If everything starts from 0: M = I+K*N nice and simple. If everything starts from 1: M = 1 + (I-1) + (K-1)*N = I + (K-1)*N darn -- an unavoidable '-1'... 1-based indexing just isn't as arithmetically nice as 0-based when you start having to compute your indices.
And the reverse, too -- given M and N, K, I = divmod(M,N) with 0-based indexing throughout -- nice, isn't it...? What about *one*-based indexing throughout...? Hmmm, looks like we'll have to do the -1 dance on M first, then the +1 one on both of the subresults...: K, I = divmod(M-1, N) K += 1 I += 1 Doesn't it start to look as if indices WANT to be zero-based, and coercing them to 1-based is simply a pretty artificial choice requiring many +1's and -1's strewn around...?
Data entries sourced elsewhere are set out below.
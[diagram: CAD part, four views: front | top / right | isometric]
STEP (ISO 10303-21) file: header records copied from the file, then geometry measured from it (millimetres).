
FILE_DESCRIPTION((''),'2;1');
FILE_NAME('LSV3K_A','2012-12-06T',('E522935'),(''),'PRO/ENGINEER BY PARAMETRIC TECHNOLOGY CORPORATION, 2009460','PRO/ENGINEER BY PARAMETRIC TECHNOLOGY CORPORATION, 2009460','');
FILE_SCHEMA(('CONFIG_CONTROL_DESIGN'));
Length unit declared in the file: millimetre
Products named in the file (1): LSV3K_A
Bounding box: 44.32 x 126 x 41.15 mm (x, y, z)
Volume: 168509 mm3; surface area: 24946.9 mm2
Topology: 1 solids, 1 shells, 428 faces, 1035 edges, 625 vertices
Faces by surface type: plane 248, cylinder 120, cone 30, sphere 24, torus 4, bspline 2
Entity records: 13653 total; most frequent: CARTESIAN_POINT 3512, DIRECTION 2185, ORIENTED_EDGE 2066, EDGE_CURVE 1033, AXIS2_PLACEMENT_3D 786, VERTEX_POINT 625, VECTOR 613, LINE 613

OK, what about the "main diagonal" of the intrinsic 2D array embedded in my 1D one -- first element of first subarray, second element of second subarray, etc. Can I get the indices of that easily and naturally? What's the index M in the big array of the I-th element of this main diagonal? Well, when 0-based indexing is being used throughout, M=I*(N+1) seems right. When 1-based...: M = 1 + (I-1)*(N+1) Again we have to do a -1 on I to move it from 1-based to 0-based for the computation, and +1 on the result to move the natural 0-based one to 1-based. Just take care to NOT do more or fewer -1's and +1's than needed or a bug may emerge...:-).
OK, forget subarrays. Say we just have two very long arrays A and B. We need to consider them starting from indices IA and IB, and obtain a result by summing corresponding elements -- the first element in our result array is A[IA]+B[IB], and so on. Simple, right?
OK, so, what's the I-th element of our result? C[I] = A[IA+I] + B[IB+I] when all indices are 0-based. If 1-based, though: C[I] = A[IA+I-1] + B[IB+I-1] darn -- once again the -1 emerges! Once again we have to just about "translate" arithmetically-funny 1-based indices to the "natural" 0-based ones, and so the -1 (or +1, depending).
You will no doubt find some counterexamples too, but in general I think you'll notice that anytime two indices need to be added, or other kinds of arithmetic on indices are required, 0-based indices tend to behave better, 1-based ones need some 'translation' (-1, +1) far more often than the reverse case.